The Notice to Quit must be said in the following time frames :- 

– Yearly Tenancies – a 6-month notice. 

– Quarterly Tenancies – a 3-month notice. 

– Monthly Tenancies – a 1-month notice. 

– Weekly Tenancies – a 1-week notice. 

After the expiration of the notice, the landlord will then have to serve the 7-day notice to recover possession of the property on the tenant. 

After this the landlord can then proceed with filing a Court action for an eviction order and rent arrears payment and mesne profits payment (mesne profits are profits that are lost during the period of a Statutory Tenancy which the landlord would have made from renting to other tenants). 

Can i seek to revoke a tenancy or Recovery of Premises on other grounds apart from non-payment of rent ? 

Yes you can. Other grounds for the Recovery of Premises include :- 

– The immediate need for the property by an adult child of the landlord/overriding convenience of the landlords family. 

– The requirement of the premises on public interest grounds. 

– The Tenant being in breach of an express covenant in the Tenancy agreement. 

– The Tenant using the premises for immoral or criminal purposes. 

– The Tenant causing nuisance to other tenants in the premises (consult your lawyer on the legal meaning of Nuisance as a Civil wrong). 

– Where the property has been sold or put up for sale by the landlord. 

– There is need for huge repairs. 

– The tenant has caused by neglect or acts of waste major damage to the property. 

– An eviction notice issued by a public authority (the Lagos State Building Control Agency in most cases). 

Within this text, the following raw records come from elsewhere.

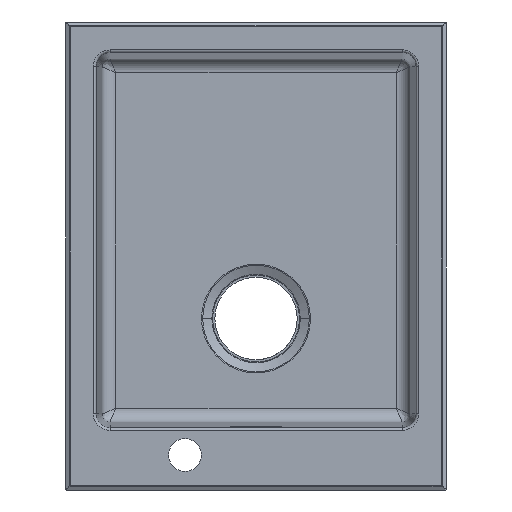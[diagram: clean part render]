
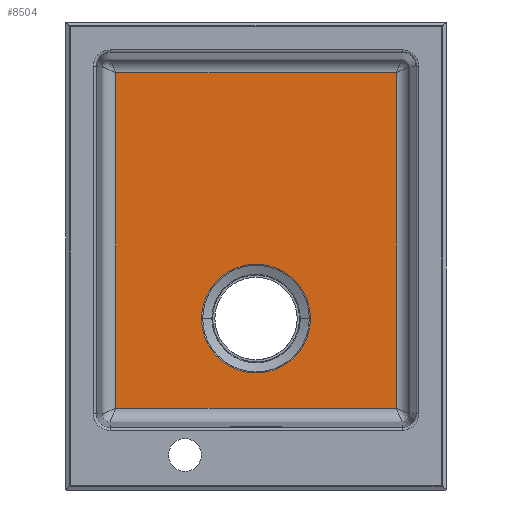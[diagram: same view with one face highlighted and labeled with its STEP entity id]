
A CAD part, top view. The second image highlights one B-rep face of the part: STEP entity #8504.
In plain terms, the highlighted planar face has unit normal (0, 0, 1).
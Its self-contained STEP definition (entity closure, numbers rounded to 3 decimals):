
#7619=CARTESIAN_POINT('Vertex',(-149.705,412.629,-194.1)) ;
#7807=CARTESIAN_POINT('Vertex',(149.705,412.629,-194.1)) ;
#7988=CARTESIAN_POINT('Vertex',(-149.705,54.219,-194.1)) ;
#8142=CARTESIAN_POINT('Vertex',(149.705,54.219,-194.1)) ;
#8256=CARTESIAN_POINT('Line Origine',(-149.705,233.424,-194.1)) ;
#8273=CARTESIAN_POINT('Line Origine',(0.,412.629,-194.1)) ;
#8290=CARTESIAN_POINT('Line Origine',(149.705,233.424,-194.1)) ;
#8307=CARTESIAN_POINT('Line Origine',(0.,54.219,-194.1)) ;
#8412=CARTESIAN_POINT('Axis2P3D Location',(-156.,32.924,-194.1)) ;
#8424=CARTESIAN_POINT('Control Point',(58.143,150.022,-194.1)) ;
#8425=CARTESIAN_POINT('Control Point',(58.143,149.448,-194.1)) ;
#8426=CARTESIAN_POINT('Control Point',(58.136,148.877,-194.1)) ;
#8427=CARTESIAN_POINT('Control Point',(58.122,148.302,-194.1)) ;
#8428=CARTESIAN_POINT('Control Point',(58.007,145.197,-194.1)) ;
#8429=CARTESIAN_POINT('Control Point',(57.685,142.101,-194.1)) ;
#8430=CARTESIAN_POINT('Control Point',(57.284,139.594,-194.1)) ;
#8431=CARTESIAN_POINT('Control Point',(56.091,134.072,-194.1)) ;
#8432=CARTESIAN_POINT('Control Point',(54.238,128.731,-194.1)) ;
#8433=CARTESIAN_POINT('Control Point',(53.023,125.862,-194.1)) ;
#8434=CARTESIAN_POINT('Control Point',(49.071,118.037,-194.1)) ;
#8435=CARTESIAN_POINT('Control Point',(43.703,111.05,-194.1)) ;
#8436=CARTESIAN_POINT('Control Point',(39.71,106.988,-194.1)) ;
#8437=CARTESIAN_POINT('Control Point',(30.816,99.912,-194.1)) ;
#8438=CARTESIAN_POINT('Control Point',(20.488,95.168,-194.1)) ;
#8439=CARTESIAN_POINT('Control Point',(15.061,93.436,-194.1)) ;
#8440=CARTESIAN_POINT('Control Point',(3.895,91.324,-194.1)) ;
#8441=CARTESIAN_POINT('Control Point',(-7.45,91.942,-194.1)) ;
#8442=CARTESIAN_POINT('Control Point',(-13.058,92.941,-194.1)) ;
#8443=CARTESIAN_POINT('Control Point',(-23.921,96.279,-194.1)) ;
#8444=CARTESIAN_POINT('Control Point',(-33.673,102.117,-194.1)) ;
#8445=CARTESIAN_POINT('Control Point',(-38.168,105.615,-194.1)) ;
#8446=CARTESIAN_POINT('Control Point',(-44.963,112.38,-194.1)) ;
#8447=CARTESIAN_POINT('Control Point',(-50.227,120.349,-194.1)) ;
#8448=CARTESIAN_POINT('Control Point',(-52.095,123.767,-194.1)) ;
#8449=CARTESIAN_POINT('Control Point',(-54.457,129.104,-194.1)) ;
#8450=CARTESIAN_POINT('Control Point',(-56.132,134.68,-194.1)) ;
#8451=CARTESIAN_POINT('Control Point',(-56.613,136.561,-194.1)) ;
#8452=CARTESIAN_POINT('Control Point',(-57.215,139.409,-194.1)) ;
#8453=CARTESIAN_POINT('Control Point',(-57.638,142.287,-194.1)) ;
#8454=CARTESIAN_POINT('Control Point',(-57.759,143.249,-194.1)) ;
#8455=CARTESIAN_POINT('Control Point',(-57.961,145.178,-194.1)) ;
#8456=CARTESIAN_POINT('Control Point',(-58.082,147.114,-194.1)) ;
#8457=CARTESIAN_POINT('Control Point',(-58.123,148.082,-194.1)) ;
#8458=CARTESIAN_POINT('Control Point',(-58.143,149.052,-194.1)) ;
#8459=CARTESIAN_POINT('Control Point',(-58.143,150.022,-194.1)) ;
#8460=CARTESIAN_POINT('Vertex',(-58.143,150.022,-194.1)) ;
#8462=CARTESIAN_POINT('Vertex',(58.143,150.022,-194.1)) ;
#8466=CARTESIAN_POINT('Control Point',(58.143,150.022,-194.1)) ;
#8467=CARTESIAN_POINT('Control Point',(58.143,151.527,-194.1)) ;
#8468=CARTESIAN_POINT('Control Point',(58.095,153.033,-194.1)) ;
#8469=CARTESIAN_POINT('Control Point',(57.997,154.535,-194.1)) ;
#8470=CARTESIAN_POINT('Control Point',(57.705,157.532,-194.1)) ;
#8471=CARTESIAN_POINT('Control Point',(57.22,160.504,-194.1)) ;
#8472=CARTESIAN_POINT('Control Point',(56.929,161.981,-194.1)) ;
#8473=CARTESIAN_POINT('Control Point',(55.915,166.383,-194.1)) ;
#8474=CARTESIAN_POINT('Control Point',(54.477,170.672,-194.1)) ;
#8475=CARTESIAN_POINT('Control Point',(53.335,173.465,-194.1)) ;
#8476=CARTESIAN_POINT('Control Point',(49.541,181.259,-194.1)) ;
#8477=CARTESIAN_POINT('Control Point',(44.35,188.256,-194.1)) ;
#8478=CARTESIAN_POINT('Control Point',(40.425,192.385,-194.1)) ;
#8479=CARTESIAN_POINT('Control Point',(31.651,199.608,-194.1)) ;
#8480=CARTESIAN_POINT('Control Point',(21.404,204.525,-194.1)) ;
#8481=CARTESIAN_POINT('Control Point',(16.007,206.347,-194.1)) ;
#8482=CARTESIAN_POINT('Control Point',(4.878,208.646,-194.1)) ;
#8483=CARTESIAN_POINT('Control Point',(-6.476,208.219,-194.1)) ;
#8484=CARTESIAN_POINT('Control Point',(-12.1,207.314,-194.1)) ;
#8485=CARTESIAN_POINT('Control Point',(-23.017,204.159,-194.1)) ;
#8486=CARTESIAN_POINT('Control Point',(-32.866,198.485,-194.1)) ;
#8487=CARTESIAN_POINT('Control Point',(-37.419,195.062,-194.1)) ;
#8488=CARTESIAN_POINT('Control Point',(-44.397,188.344,-194.1)) ;
#8489=CARTESIAN_POINT('Control Point',(-49.833,180.371,-194.1)) ;
#8490=CARTESIAN_POINT('Control Point',(-51.793,176.89,-194.1)) ;
#8491=CARTESIAN_POINT('Control Point',(-54.272,171.444,-194.1)) ;
#8492=CARTESIAN_POINT('Control Point',(-56.031,165.741,-194.1)) ;
#8493=CARTESIAN_POINT('Control Point',(-56.535,163.816,-194.1)) ;
#8494=CARTESIAN_POINT('Control Point',(-57.379,159.927,-194.1)) ;
#8495=CARTESIAN_POINT('Control Point',(-57.888,155.981,-194.1)) ;
#8496=CARTESIAN_POINT('Control Point',(-58.059,153.999,-194.1)) ;
#8497=CARTESIAN_POINT('Control Point',(-58.143,152.01,-194.1)) ;
#8498=CARTESIAN_POINT('Control Point',(-58.143,150.022,-194.1)) ;
#8257=DIRECTION('Vector Direction',(0.,-1.,0.)) ;
#8274=DIRECTION('Vector Direction',(-1.,0.,0.)) ;
#8291=DIRECTION('Vector Direction',(0.,1.,0.)) ;
#8308=DIRECTION('Vector Direction',(1.,0.,0.)) ;
#8413=DIRECTION('Axis2P3D Direction',(0.,-0.,-1.)) ;
#8414=DIRECTION('Axis2P3D XDirection',(1.,0.,-0.)) ;
#8415=AXIS2_PLACEMENT_3D('Plane Axis2P3D',#8412,#8413,#8414) ;
#8418=ORIENTED_EDGE('',*,*,#8311,.F.) ;
#8419=ORIENTED_EDGE('',*,*,#8294,.F.) ;
#8420=ORIENTED_EDGE('',*,*,#8277,.F.) ;
#8421=ORIENTED_EDGE('',*,*,#8260,.F.) ;
#8501=ORIENTED_EDGE('',*,*,#8464,.F.) ;
#8502=ORIENTED_EDGE('',*,*,#8499,.F.) ;
#8503=FACE_BOUND('',#8500,.T.) ;
#8258=VECTOR('Line Direction',#8257,1.) ;
#8275=VECTOR('Line Direction',#8274,1.) ;
#8292=VECTOR('Line Direction',#8291,1.) ;
#8309=VECTOR('Line Direction',#8308,1.) ;
#8504=ADVANCED_FACE('PartBody',(#8422,#8503),#8416,.F.) ;
#8423=B_SPLINE_CURVE_WITH_KNOTS('',5,(#8424,#8425,#8426,#8427,#8428,#8429,#8430,#8431,#8432,#8433,#8434,#8435,#8436,#8437,#8438,#8439,#8440,#8441,#8442,#8443,#8444,#8445,#8446,#8447,#8448,#8449,#8450,#8451,#8452,#8453,#8454,#8455,#8456,#8457,#8458,#8459),.UNSPECIFIED.,.F.,.U.,(6,3,3,3,3,3,3,3,3,3,3,6),(89.61,93.469,110.528,131.446,169.419,207.398,245.377,283.351,309.458,322.512,329.039,335.566),.UNSPECIFIED.) ;
#8465=B_SPLINE_CURVE_WITH_KNOTS('',5,(#8466,#8467,#8468,#8469,#8470,#8471,#8472,#8473,#8474,#8475,#8476,#8477,#8478,#8479,#8480,#8481,#8482,#8483,#8484,#8485,#8486,#8487,#8488,#8489,#8490,#8491,#8492,#8493,#8494,#8495,#8496,#8497,#8498),.UNSPECIFIED.,.F.,.U.,(6,3,3,3,3,3,3,3,3,3,6),(85.342,95.473,105.604,125.865,163.841,201.817,239.797,277.771,304.535,317.917,331.299),.UNSPECIFIED.) ;
#8260=EDGE_CURVE('',#7989,#7620,#8259,.F.) ;
#8277=EDGE_CURVE('',#7620,#7808,#8276,.F.) ;
#8294=EDGE_CURVE('',#7808,#8143,#8293,.F.) ;
#8311=EDGE_CURVE('',#8143,#7989,#8310,.F.) ;
#8464=EDGE_CURVE('',#8461,#8463,#8423,.F.) ;
#8499=EDGE_CURVE('',#8463,#8461,#8465,.T.) ;
#8417=EDGE_LOOP('',(#8418,#8419,#8420,#8421)) ;
#8500=EDGE_LOOP('',(#8501,#8502)) ;
#8422=FACE_OUTER_BOUND('',#8417,.T.) ;
#8259=LINE('Line',#8256,#8258) ;
#8276=LINE('Line',#8273,#8275) ;
#8293=LINE('Line',#8290,#8292) ;
#8310=LINE('Line',#8307,#8309) ;
#8416=PLANE('',#8415) ;
#7620=VERTEX_POINT('',#7619) ;
#7808=VERTEX_POINT('',#7807) ;
#7989=VERTEX_POINT('',#7988) ;
#8143=VERTEX_POINT('',#8142) ;
#8461=VERTEX_POINT('',#8460) ;
#8463=VERTEX_POINT('',#8462) ;
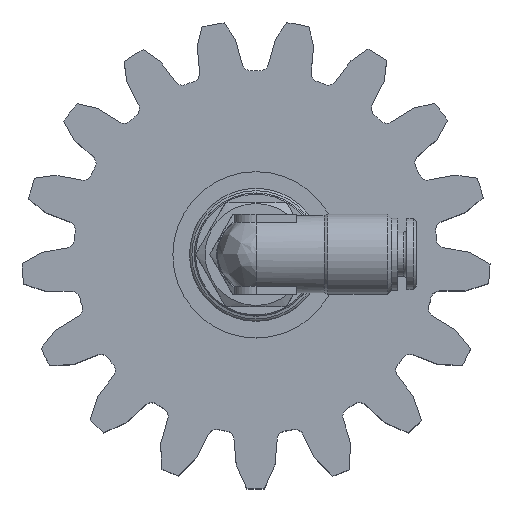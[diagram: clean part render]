
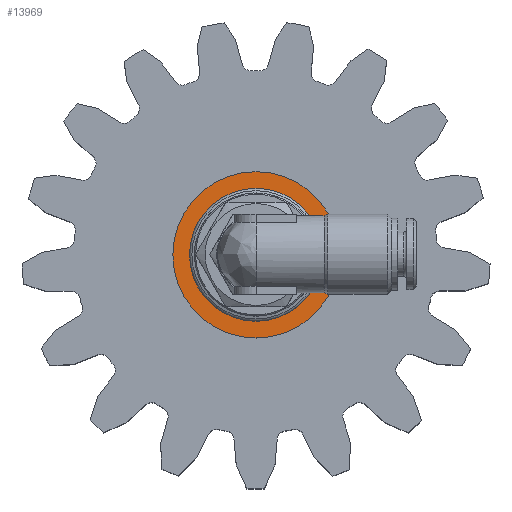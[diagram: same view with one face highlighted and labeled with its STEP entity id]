
A CAD part, top view. The second image highlights one B-rep face of the part: STEP entity #13969.
In plain terms, the highlighted planar face has unit normal (0, 0, 1) as drawn and (0, 1, 0) by its records, which use the part's own axes.
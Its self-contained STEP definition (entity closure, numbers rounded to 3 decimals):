
#2896 = CIRCLE ( 'NONE', #3822, 13.5 ) ;
#3391 = VERTEX_POINT ( 'NONE', #8345 ) ;
#3822 = AXIS2_PLACEMENT_3D ( 'NONE', #10143, #20976, #16900 ) ;
#5137 = VERTEX_POINT ( 'NONE', #7487 ) ;
#5317 = ORIENTED_EDGE ( 'NONE', *, *, #22654, .F. ) ;
#5651 = AXIS2_PLACEMENT_3D ( 'NONE', #27008, #28911, #6927 ) ;
#6533 = DIRECTION ( 'NONE',  ( 0., 0., 1. ) ) ;
#6825 = EDGE_LOOP ( 'NONE', ( #5317 ) ) ;
#6927 = DIRECTION ( 'NONE',  ( 0., 0., -1. ) ) ;
#7487 = CARTESIAN_POINT ( 'NONE',  ( 0., 0.6, 13.5 ) ) ;
#7793 = ORIENTED_EDGE ( 'NONE', *, *, #11262, .T. ) ;
#8345 = CARTESIAN_POINT ( 'NONE',  ( 0., 0.6, 10.8 ) ) ;
#10143 = CARTESIAN_POINT ( 'NONE',  ( 0., 0.6, 0. ) ) ;
#11262 = EDGE_CURVE ( 'NONE', #5137, #5137, #2896, .T. ) ;
#13969 = ADVANCED_FACE ( 'NONE', ( #18087, #24669 ), #15602, .F. ) ;
#14561 = AXIS2_PLACEMENT_3D ( 'NONE', #26465, #20148, #6533 ) ;
#15602 = PLANE ( 'NONE',  #5651 ) ;
#16900 = DIRECTION ( 'NONE',  ( 0., 0., 1. ) ) ;
#18087 = FACE_BOUND ( 'NONE', #6825, .T. ) ;
#20148 = DIRECTION ( 'NONE',  ( 0., 1., 0. ) ) ;
#20976 = DIRECTION ( 'NONE',  ( 0., 1., 0. ) ) ;
#22654 = EDGE_CURVE ( 'NONE', #3391, #3391, #26707, .T. ) ;
#24669 = FACE_OUTER_BOUND ( 'NONE', #27967, .T. ) ;
#26465 = CARTESIAN_POINT ( 'NONE',  ( 0., 0.6, 0. ) ) ;
#26707 = CIRCLE ( 'NONE', #14561, 10.8 ) ;
#27008 = CARTESIAN_POINT ( 'NONE',  ( 13.5, 0.6, 0. ) ) ;
#27967 = EDGE_LOOP ( 'NONE', ( #7793 ) ) ;
#28911 = DIRECTION ( 'NONE',  ( 0., -1., 0. ) ) ;
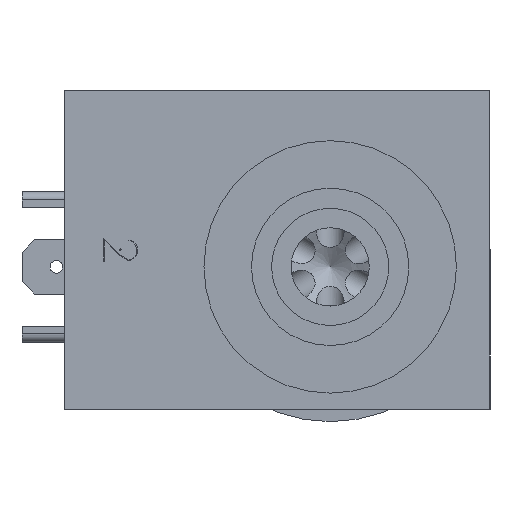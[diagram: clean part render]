
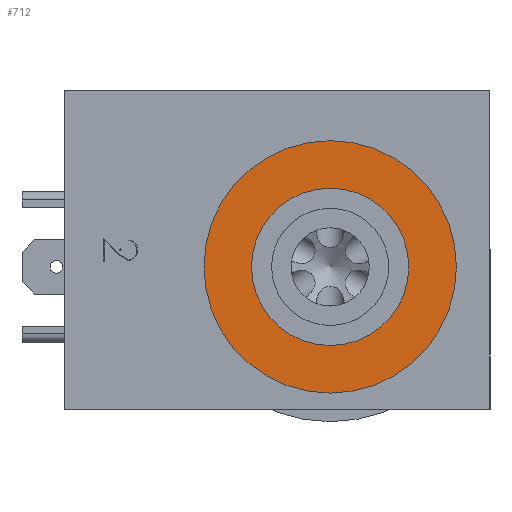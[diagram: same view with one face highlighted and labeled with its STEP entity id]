
A CAD part, front view. The second image highlights one B-rep face of the part: STEP entity #712.
In plain terms, the highlighted planar face has unit normal (0, -1, 0) as drawn and (-1, 0, 0) by its records, which use the part's own axes.
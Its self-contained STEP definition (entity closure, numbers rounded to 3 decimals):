
#712 = ADVANCED_FACE( '', ( #1672, #1673 ), #1674, .F. );
#1672 = FACE_BOUND( '', #3065, .T. );
#1673 = FACE_OUTER_BOUND( '', #3066, .T. );
#1674 = PLANE( '', #3067 );
#3065 = EDGE_LOOP( '', ( #4571 ) );
#3066 = EDGE_LOOP( '', ( #4572 ) );
#3067 = AXIS2_PLACEMENT_3D( '', #4573, #4574, #4575 );
#4571 = ORIENTED_EDGE( '', *, *, #8007, .T. );
#4572 = ORIENTED_EDGE( '', *, *, #8008, .T. );
#4573 = CARTESIAN_POINT( '', ( -27., 6.3, 21.1 ) );
#4574 = DIRECTION( '', ( 1., 0., 0. ) );
#4575 = DIRECTION( '', ( 0., 1., 0. ) );
#8007 = EDGE_CURVE( '', #9469, #9469, #9470, .T. );
#8008 = EDGE_CURVE( '', #9471, #9471, #9472, .T. );
#9469 = VERTEX_POINT( '', #11710 );
#9470 = CIRCLE( '', #11711, 9.4 );
#9471 = VERTEX_POINT( '', #11712 );
#9472 = CIRCLE( '', #11713, 15.085 );
#11710 = CARTESIAN_POINT( '', ( -27., -3.1, 21.1 ) );
#11711 = AXIS2_PLACEMENT_3D( '', #15430, #15431, #15432 );
#11712 = CARTESIAN_POINT( '', ( -27., -8.785, 21.1 ) );
#11713 = AXIS2_PLACEMENT_3D( '', #15433, #15434, #15435 );
#15430 = CARTESIAN_POINT( '', ( -27., 6.3, 21.1 ) );
#15431 = DIRECTION( '', ( 1., 0., 0. ) );
#15432 = DIRECTION( '', ( 0., -1., 0. ) );
#15433 = CARTESIAN_POINT( '', ( -27., 6.3, 21.1 ) );
#15434 = DIRECTION( '', ( -1., 0., 0. ) );
#15435 = DIRECTION( '', ( 0., -1., 0. ) );
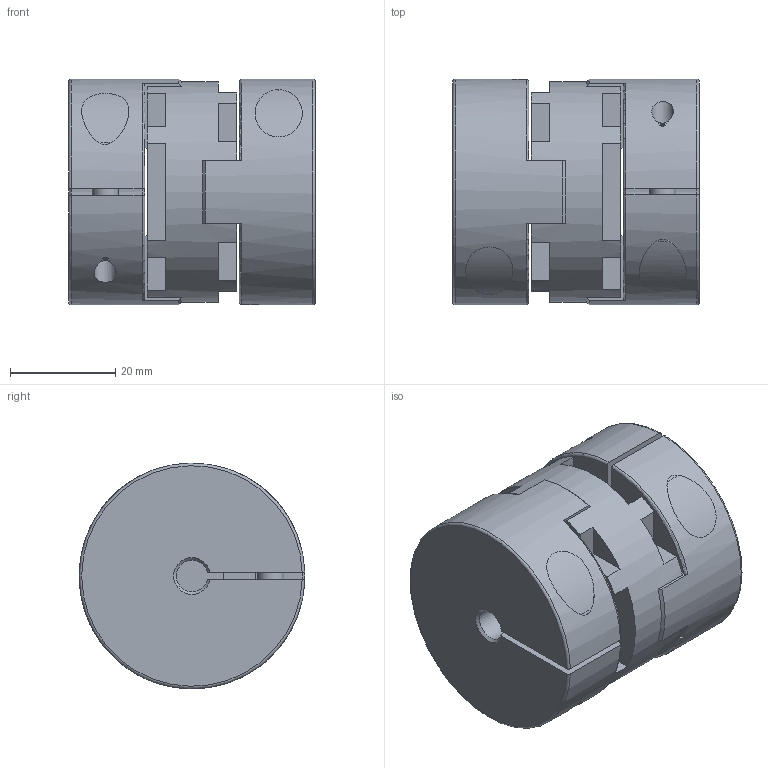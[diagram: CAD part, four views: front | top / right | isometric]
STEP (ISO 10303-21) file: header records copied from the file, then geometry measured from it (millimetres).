
FILE_DESCRIPTION( ( 'Unknown' ), '1' );
FILE_NAME( 'F:/JAKOB-STEP+IGES-Dateien/STEP-Dateien/MOH-C/MOH-C 43.stp', 'Unknown', ( 'Unknown' ), ( 'Unknown' ), 'PSStep 10.1', 'Unknown', ' ' );
FILE_SCHEMA( ( 'AUTOMOTIVE_DESIGN { 1 0 10303 214 1 1 1 1 }' ) );
Length unit declared in the file: millimetre
Products named in the file (1): KT103010
Bounding box: 47 x 43 x 43 mm (x, y, z)
Volume: 57862.4 mm3; surface area: 17593.3 mm2
Topology: 1 solids, 3 shells, 147 faces, 392 edges, 255 vertices
Faces by surface type: plane 98, cylinder 23, cone 16, torus 10
Full cylindrical faces by diameter (mm): 4.134 x2, 5 x2, 5.5 x2, 8.5 x2, 9 x2, 42 x1
Entity records: 5932 total; most frequent: CARTESIAN_POINT 1154, DIRECTION 752, ORIENTED_EDGE 736, EDGE_CURVE 368, AXIS2_PLACEMENT_3D 268, VERTEX_POINT 248, LINE 216, VECTOR 216

What happens if i try to break my way into the premises occupied by the tenant instead of wasting time with going to court? 

This is risky as it can open you to a lot of liabilities in the form of either a court action for damages by the tenant or a Criminal allegation of trespass by the tenant. 

Conclusion : – It is hoped that a good understanding of Recovery of Premises and its procedure has been achieved by virtue of this write-up which will enable Property owners, tenants and Estate Managers make better decisions in the exercise of their rights going forward.